Einer blickte hoch und sagte laut genug zu seiner Frau:
„Da kommt die Sippschaft wieder. Ein Glück ist der Heiner nicht dabei. Der macht ja immer Chaos.“
„Wir sind keine Sippschaft, wir sind Familie und Heiner, der ist nen guter Onkel“, sagte ich.
„Ach, sei still, Mädchen, ich könnte dir Geschichten über euren Onkel Heiner erzählen und über euren Vater.“
Dabei zeigte er drohend zu unserem Vater Helmut. Der lachte und sagte:
„Das beruht auf Gegenseitigkeit, du oller Oregano-Kiffer.“
Damit war die Sache vom Tisch. Das Paar drehte abrupt um und ging ins Haus.
„Gar nicht auf den hören. Der alte Stupinski nimmt es Heiner immer noch übel, dass er dem mal Oregano statt Gras verkauft hat. Mehrfach. Bis das rauskam, hatte Heiner sein Gesangsmikrofon finanziert.“
Mein Vater klang stolz, als er so von Heiner erzählte.
Wir bogen in Omas Straße und liefen geradewegs auf ihr Haus zu. Oma saß auf der Bank neben der Tür und schälte Kartoffeln. Als wir näherkamen, stellte sie die Schüssel neben sich, stand auf und umarmte uns alle.
„Kommt rein“, sagte sie.
Wir gingen rein und an jedem Platz war schon ein Teller mit Pommes und Wurst.

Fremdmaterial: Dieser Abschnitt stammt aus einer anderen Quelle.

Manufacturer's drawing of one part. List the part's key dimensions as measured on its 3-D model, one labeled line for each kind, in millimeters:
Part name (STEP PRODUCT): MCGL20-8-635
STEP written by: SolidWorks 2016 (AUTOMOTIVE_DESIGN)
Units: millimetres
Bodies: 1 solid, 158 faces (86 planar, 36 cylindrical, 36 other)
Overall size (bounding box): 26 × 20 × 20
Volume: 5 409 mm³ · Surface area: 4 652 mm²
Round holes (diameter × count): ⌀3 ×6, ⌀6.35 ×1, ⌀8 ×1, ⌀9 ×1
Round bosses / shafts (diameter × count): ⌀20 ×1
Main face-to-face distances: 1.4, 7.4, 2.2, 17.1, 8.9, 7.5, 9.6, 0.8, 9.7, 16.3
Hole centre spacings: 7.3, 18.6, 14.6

„Wurst ist vegan. Schmeckt genauso gut. Also meckert nicht.“
„Niemand hat vor, zu meckern“, sagte mein Vater.
„Ach du, du meckerst doch seit 39 Jahren über alles, vor allem über deinen Bruder.“
„Mutter, das stimmt nicht“, sagte Vater Helmut energisch.
„Denk an deinen Blutdruck, Helmut“, sagte Tante Helene.
„Ja, doch.“
Oma Inge setzte wieder ein.
„Ich dachte damals immer, ihr drei hättet euch gut verstanden. Aber wusste eigentlich einer von euch, dass Heiner schwul ist?“
„Bitte was?“, sagten Tante Helene und Vater Helmut wie aus einem Mund.

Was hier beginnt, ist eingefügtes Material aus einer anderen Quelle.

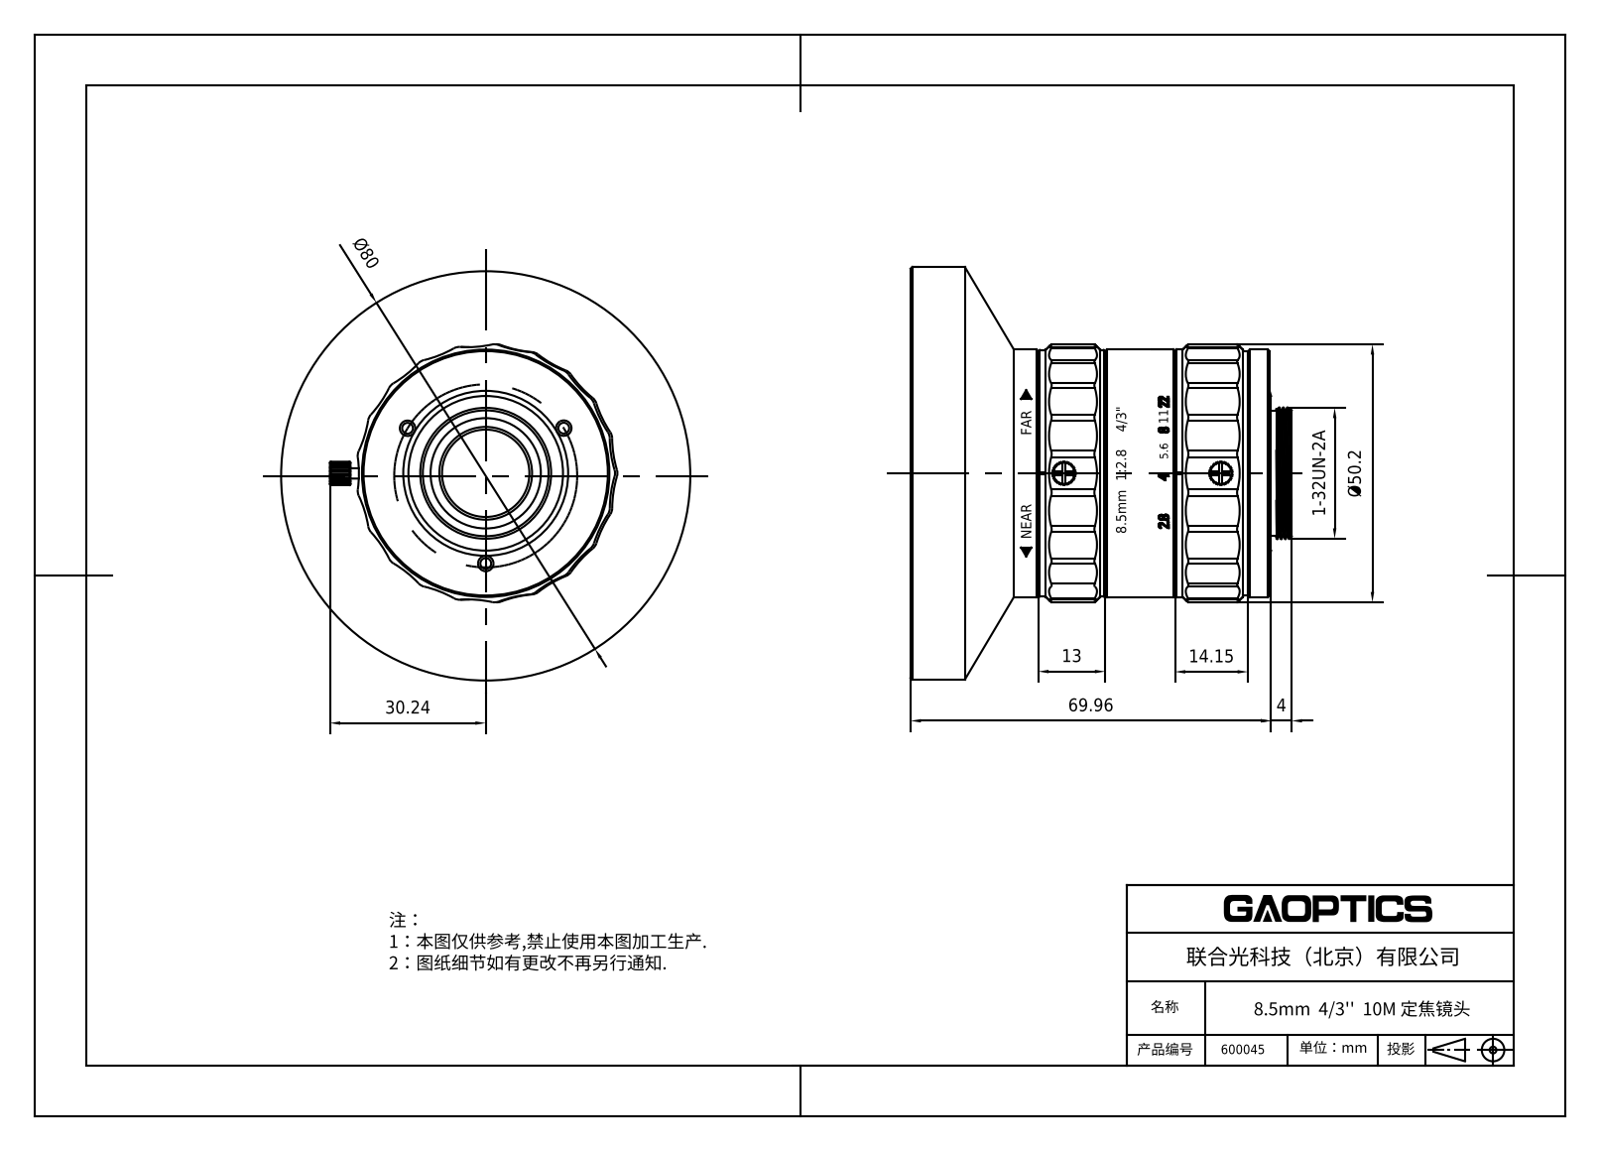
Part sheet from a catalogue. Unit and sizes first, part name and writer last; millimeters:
Units: millimetres
Overall size (bounding box): 81.38 × 80.57 × 80
Round holes (diameter × count): ⌀1.6 ×7, ⌀1.3 ×3, ⌀1.9 ×3, ⌀2.1 ×3, ⌀3 ×3, ⌀1.8 ×1, ⌀21.4 ×1, ⌀23.6 ×1, ⌀24.07 ×1, ⌀24.2 ×1, ⌀25 ×1, ⌀26.06 ×1
Round bosses / shafts (diameter × count): ⌀47.8 ×3, ⌀48 ×2, ⌀46 ×2, ⌀2 ×2, ⌀80 ×1, ⌀54.8 ×1, ⌀47.4 ×1, ⌀43.8 ×1
Partial cylindrical surfaces — rounded edges, fillets, slot ends (radius × count): R2.15 ×42, R22 ×42, R1.5 ×4, R1.4 ×3, R2.25 ×2, R24.5 ×2, R0.76 ×1, R19.5 ×1
Main face-to-face distances: 0.5, 1, 1.5, 2, 1.03, 0.34, 1.37, 2.5, 55.39, 55.73
Hole centre spacings: 17.5, 26.89, 4.05, 8.93, 23.3, 24.74, 30.31, 30.32
Volume: 131 428 mm³ · Surface area: 36 345 mm²
Bodies: 2 solids, 1653 faces (964 planar, 403 cylindrical, 286 other)
Part name (STEP PRODUCT): 600045
STEP written by: SolidWorks 2020 (CONFIG_CONTROL_DESIGN)

„Er hat gestern Nacht angerufen. Gesagt, dass er schwul ist, es schon immer war und sich jetzt um Heiner kümmern müsse. Dann hat er aufgelegt. Na, soll er sich mal um sich selbst kümmern“, sagte Oma Inge.
Ich prustete los.
„Oma, sein Ex Freund heißt auch Heiner.“
„Was, seit wann weißt du das denn?“, fragte Fabian.
„Seit gestern Abend. Die wollten sogar heiraten.“
„Na, hoffentlich klärt er das mit Heiner“, sagte Oma Inge, „also mit dem anderen Heiner, den will ich dann doch mal kennenlernen. Ob der Veganer ist?“
„Mutter, spielt das denn in dieser Situation eine Rolle?“, fragte mein Vater.
„In welcher Situation?“
„Na in der Situation, dass Heiner schwul ist.“
„Was ist denn das für ne Situation? Ist doch nichts dabei“, erwiderte Oma Inge.
„Nein, natürlich nicht. Aber das heißt doch, dass er wirklich kein Taktgefühl hatte und der Band-Rausschmiss ganz anders war, als ich immer dachte.“
„Fängst du schon wieder mit der Band an? Mir reicht’s so langsam mal mit dieser Band.“
„Die Band war mir eben wichtig“, sagte mein Vater.
„Und Linda?“, fragte Klugscheißer-Fabian.
„Ja, die auch.“
Mein Vater, unser Vater Helmut, fing urplötzlich an zu weinen. Damit hatte ich nicht gerechnet. Mein Vater hatte noch nie geweint. Tante Helene klopfte ihrem Bruder auf die Schulter.
„Schon gut, Helmut, du bist schon okay. Und wenn Heiner seinen Einsatz verpasst hatte, dann sollte das nicht sein. Es kann nicht jeder in einer Band spielen.“
„Das ist ganz schön kompliziert mit euch. Fast so wie gestern mit Heiner“, sagte ich.
„Onkel Heiner“, sagte Klugscheißer-Fabian.
„Nur Heiner“, sagte ich.
„Was habt ihr gemacht?“, fragte mein Vater nun, nachdem er sich etwas gefasst hatte.
„Haben 0,4er Heineken getrunken.“
„Am Büdchen?“
„Ja, Papa.“
Unser Vater Helmut stand auf. Nahm seine Jacke, drehte sich nochmal um und sagte:
„Ich muss mich um Heiner kümmern.“
Und weg war er. Oma Inge stellte Korn auf den Tisch. Wir tranken, aßen Pommes und vegane Bratwurst und waren alle gespannt auf das, was noch kommen sollte.